Only the lines from the start of the entries through the line with "#3979 = AXIS2_PLACEMENT_3D" should be returned, each exactly as it stands, and no pictures.

MATERIAL PROVIDED:
########################################
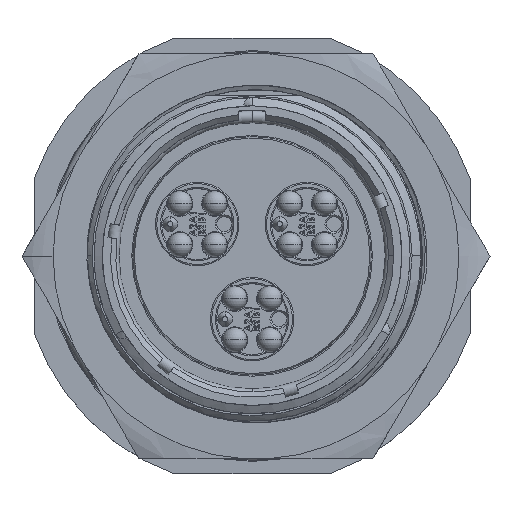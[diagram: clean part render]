
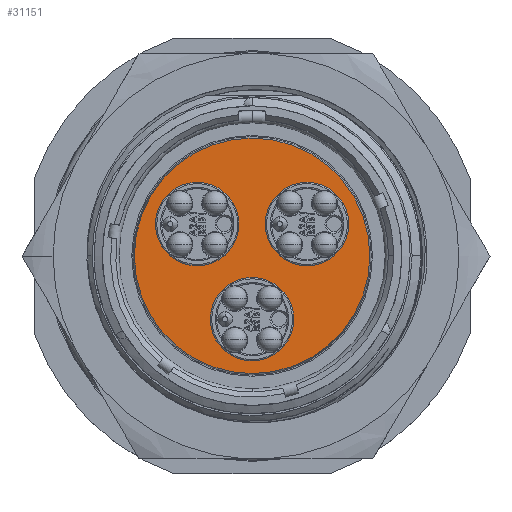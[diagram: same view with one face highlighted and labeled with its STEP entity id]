
A CAD part, top view. The second image highlights one B-rep face of the part: STEP entity #31151.
In plain terms, the highlighted planar face has unit normal (0, 0, 1).
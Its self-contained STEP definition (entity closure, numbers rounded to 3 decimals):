
#641 = VERTEX_POINT ( 'NONE', #27561 ) ;
#973 = CARTESIAN_POINT ( 'NONE',  ( 14.155, 0., -10.973 ) ) ;
#2339 = EDGE_CURVE ( 'NONE', #7215, #25781, #2981, .T. ) ;
#2981 = CIRCLE ( 'NONE', #10824, 5.01 ) ;
#3035 = DIRECTION ( 'NONE',  ( 1., 0., 0. ) ) ;
#3979 = AXIS2_PLACEMENT_3D ( 'NONE', #35835, #18802, #11666 ) ;
#4108 = FACE_BOUND ( 'NONE', #16182, .T. ) ;
#6457 = CIRCLE ( 'NONE', #37189, 5.01 ) ;
#7215 = VERTEX_POINT ( 'NONE', #19850 ) ;
#7240 = FACE_BOUND ( 'NONE', #10540, .T. ) ;
#8341 = ORIENTED_EDGE ( 'NONE', *, *, #8771, .T. ) ;
#8771 = EDGE_CURVE ( 'NONE', #40930, #9202, #22765, .T. ) ;
#9202 = VERTEX_POINT ( 'NONE', #17931 ) ;
#9493 = EDGE_LOOP ( 'NONE', ( #32837, #38772 ) ) ;
#10540 = EDGE_LOOP ( 'NONE', ( #8341, #13620 ) ) ;
#10824 = AXIS2_PLACEMENT_3D ( 'NONE', #38828, #15720, #36326 ) ;
#10872 = CARTESIAN_POINT ( 'NONE',  ( 6.599, 3.81, -10.973 ) ) ;
#11039 = VERTEX_POINT ( 'NONE', #973 ) ;
#11096 = AXIS2_PLACEMENT_3D ( 'NONE', #25423, #18033, #28579 ) ;
#11577 = CARTESIAN_POINT ( 'NONE',  ( 0., -7.62, -10.973 ) ) ;
#11666 = DIRECTION ( 'NONE',  ( -1., 0., 0. ) ) ;
#11739 = CIRCLE ( 'NONE', #43184, 5.01 ) ;
#12159 = CARTESIAN_POINT ( 'NONE',  ( 6.599, 8.82, -10.973 ) ) ;
#12814 = CARTESIAN_POINT ( 'NONE',  ( -14.155, 0., -10.973 ) ) ;
#13620 = ORIENTED_EDGE ( 'NONE', *, *, #39380, .T. ) ;
#14038 = DIRECTION ( 'NONE',  ( 0., 0., -1. ) ) ;
#14247 = CARTESIAN_POINT ( 'NONE',  ( -6.599, -1.2, -10.973 ) ) ;
#14635 = CARTESIAN_POINT ( 'NONE',  ( 0., 0., -10.973 ) ) ;
#15496 = CARTESIAN_POINT ( 'NONE',  ( 0., -7.62, -10.973 ) ) ;
#15720 = DIRECTION ( 'NONE',  ( 0., 0., -1. ) ) ;
#16052 = AXIS2_PLACEMENT_3D ( 'NONE', #44188, #16199, #3035 ) ;
#16182 = EDGE_LOOP ( 'NONE', ( #27142, #18733 ) ) ;
#16199 = DIRECTION ( 'NONE',  ( 0., 0., -1. ) ) ;
#16863 = EDGE_CURVE ( 'NONE', #17853, #11039, #39570, .T. ) ;
#17720 = CARTESIAN_POINT ( 'NONE',  ( 0., 0., -10.973 ) ) ;
#17853 = VERTEX_POINT ( 'NONE', #12814 ) ;
#17931 = CARTESIAN_POINT ( 'NONE',  ( 0., -2.61, -10.973 ) ) ;
#18033 = DIRECTION ( 'NONE',  ( 0., 0., -1. ) ) ;
#18733 = ORIENTED_EDGE ( 'NONE', *, *, #24606, .T. ) ;
#18802 = DIRECTION ( 'NONE',  ( 0., 0., -1. ) ) ;
#19850 = CARTESIAN_POINT ( 'NONE',  ( -6.599, 8.82, -10.973 ) ) ;
#20657 = FACE_OUTER_BOUND ( 'NONE', #27231, .T. ) ;
#21283 = EDGE_CURVE ( 'NONE', #25781, #7215, #23219, .T. ) ;
#21988 = EDGE_CURVE ( 'NONE', #11039, #17853, #25398, .T. ) ;
#22338 = CARTESIAN_POINT ( 'NONE',  ( 0., -12.63, -10.973 ) ) ;
#22765 = CIRCLE ( 'NONE', #32818, 5.01 ) ;
#23219 = CIRCLE ( 'NONE', #16052, 5.01 ) ;
#24057 = DIRECTION ( 'NONE',  ( 1., 0., 0. ) ) ;
#24606 = EDGE_CURVE ( 'NONE', #27733, #641, #30400, .T. ) ;
#25398 = CIRCLE ( 'NONE', #3979, 14.155 ) ;
#25423 = CARTESIAN_POINT ( 'NONE',  ( 6.599, 3.81, -10.973 ) ) ;
#25781 = VERTEX_POINT ( 'NONE', #14247 ) ;
#27142 = ORIENTED_EDGE ( 'NONE', *, *, #32824, .T. ) ;
#27231 = EDGE_LOOP ( 'NONE', ( #37020, #37084 ) ) ;
#27561 = CARTESIAN_POINT ( 'NONE',  ( 6.599, -1.2, -10.973 ) ) ;
#27733 = VERTEX_POINT ( 'NONE', #12159 ) ;
#27843 = DIRECTION ( 'NONE',  ( 1., 0., 0. ) ) ;
#28074 = PLANE ( 'NONE',  #38568 ) ;
#28579 = DIRECTION ( 'NONE',  ( 1., 0., 0. ) ) ;
#30400 = CIRCLE ( 'NONE', #11096, 5.01 ) ;
#31151 = ADVANCED_FACE ( 'NONE', ( #20657, #38575, #4108, #7240 ), #28074, .T. ) ;
#32818 = AXIS2_PLACEMENT_3D ( 'NONE', #11577, #14038, #38894 ) ;
#32824 = EDGE_CURVE ( 'NONE', #641, #27733, #6457, .T. ) ;
#32837 = ORIENTED_EDGE ( 'NONE', *, *, #21283, .T. ) ;
#34817 = DIRECTION ( 'NONE',  ( 0., 0., -1. ) ) ;
#35835 = CARTESIAN_POINT ( 'NONE',  ( 0., 0., -10.973 ) ) ;
#35906 = DIRECTION ( 'NONE',  ( 0., 0., -1. ) ) ;
#36326 = DIRECTION ( 'NONE',  ( 1., 0., 0. ) ) ;
#36701 = AXIS2_PLACEMENT_3D ( 'NONE', #14635, #34817, #40852 ) ;
#37020 = ORIENTED_EDGE ( 'NONE', *, *, #16863, .F. ) ;
#37084 = ORIENTED_EDGE ( 'NONE', *, *, #21988, .F. ) ;
#37189 = AXIS2_PLACEMENT_3D ( 'NONE', #10872, #38188, #24057 ) ;
#38188 = DIRECTION ( 'NONE',  ( 0., 0., -1. ) ) ;
#38568 = AXIS2_PLACEMENT_3D ( 'NONE', #17720, #41715, #27843 ) ;
#38575 = FACE_BOUND ( 'NONE', #9493, .T. ) ;
#38772 = ORIENTED_EDGE ( 'NONE', *, *, #2339, .T. ) ;
#38828 = CARTESIAN_POINT ( 'NONE',  ( -6.599, 3.81, -10.973 ) ) ;
#38894 = DIRECTION ( 'NONE',  ( 1., 0., 0. ) ) ;
#39380 = EDGE_CURVE ( 'NONE', #9202, #40930, #11739, .T. ) ;
#39570 = CIRCLE ( 'NONE', #36701, 14.155 ) ;
#40852 = DIRECTION ( 'NONE',  ( -1., 0., 0. ) ) ;
#40930 = VERTEX_POINT ( 'NONE', #22338 ) ;
#41715 = DIRECTION ( 'NONE',  ( 0., 0., 1. ) ) ;
#42616 = DIRECTION ( 'NONE',  ( 1., 0., 0. ) ) ;
#43184 = AXIS2_PLACEMENT_3D ( 'NONE', #15496, #35906, #42616 ) ;
#44188 = CARTESIAN_POINT ( 'NONE',  ( -6.599, 3.81, -10.973 ) ) ;
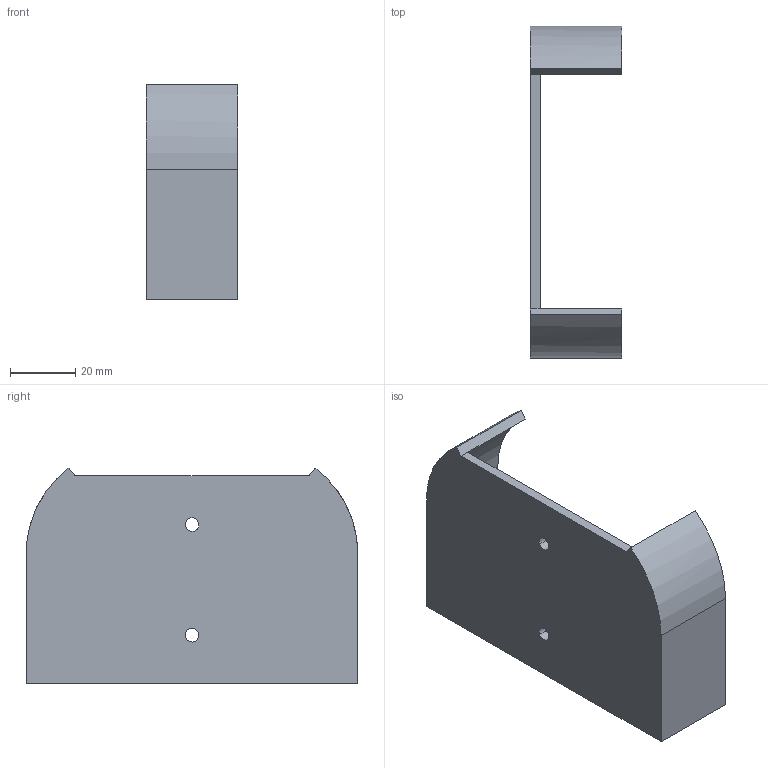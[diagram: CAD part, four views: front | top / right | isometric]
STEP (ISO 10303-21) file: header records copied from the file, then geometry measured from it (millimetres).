
FILE_DESCRIPTION(('CATIA V5 STEP Exchange'),'2;1');
FILE_NAME('C:\Users\Hashaam\Documents\CAD_Project\review\Foot_Plate_positioned.stp','2026-10-06T14:53:39+00:00',('none'),('none'),'CATIA Version 5 Release 21 GA (IN-10)','CATIA V5 STEP AP203','none');
FILE_SCHEMA(('CONFIG_CONTROL_DESIGN'));
Length unit declared in the file: millimetre
Products named in the file (1): Foot_Plate
Bounding box: 28 x 102 x 66.4 mm (x, y, z)
Volume: 29455.8 mm3; surface area: 20980 mm2
Topology: 1 solids, 1 shells, 24 faces, 56 edges, 34 vertices
Faces by surface type: plane 16, cylinder 8
Entity records: 716 total; most frequent: CARTESIAN_POINT 141, ORIENTED_EDGE 112, DIRECTION 94, EDGE_CURVE 56, VECTOR 38, LINE 38, AXIS2_PLACEMENT_3D 35, VERTEX_POINT 34
########################################
SOLUTION TO THIS TASK:
[diagram: clean part render]
[diagram: same view with one face highlighted and labeled with its STEP entity id]
A CAD part, top view. The second image highlights one B-rep face of the part: STEP entity #31151.
In plain terms, the highlighted planar face has unit normal (0, 0, 1).
Its self-contained STEP definition (entity closure, numbers rounded to 3 decimals):
#641 = VERTEX_POINT ( 'NONE', #27561 ) ;
#973 = CARTESIAN_POINT ( 'NONE',  ( 14.155, 0., -10.973 ) ) ;
#2339 = EDGE_CURVE ( 'NONE', #7215, #25781, #2981, .T. ) ;
#2981 = CIRCLE ( 'NONE', #10824, 5.01 ) ;
#3035 = DIRECTION ( 'NONE',  ( 1., 0., 0. ) ) ;
#3979 = AXIS2_PLACEMENT_3D ( 'NONE', #35835, #18802, #11666 ) ;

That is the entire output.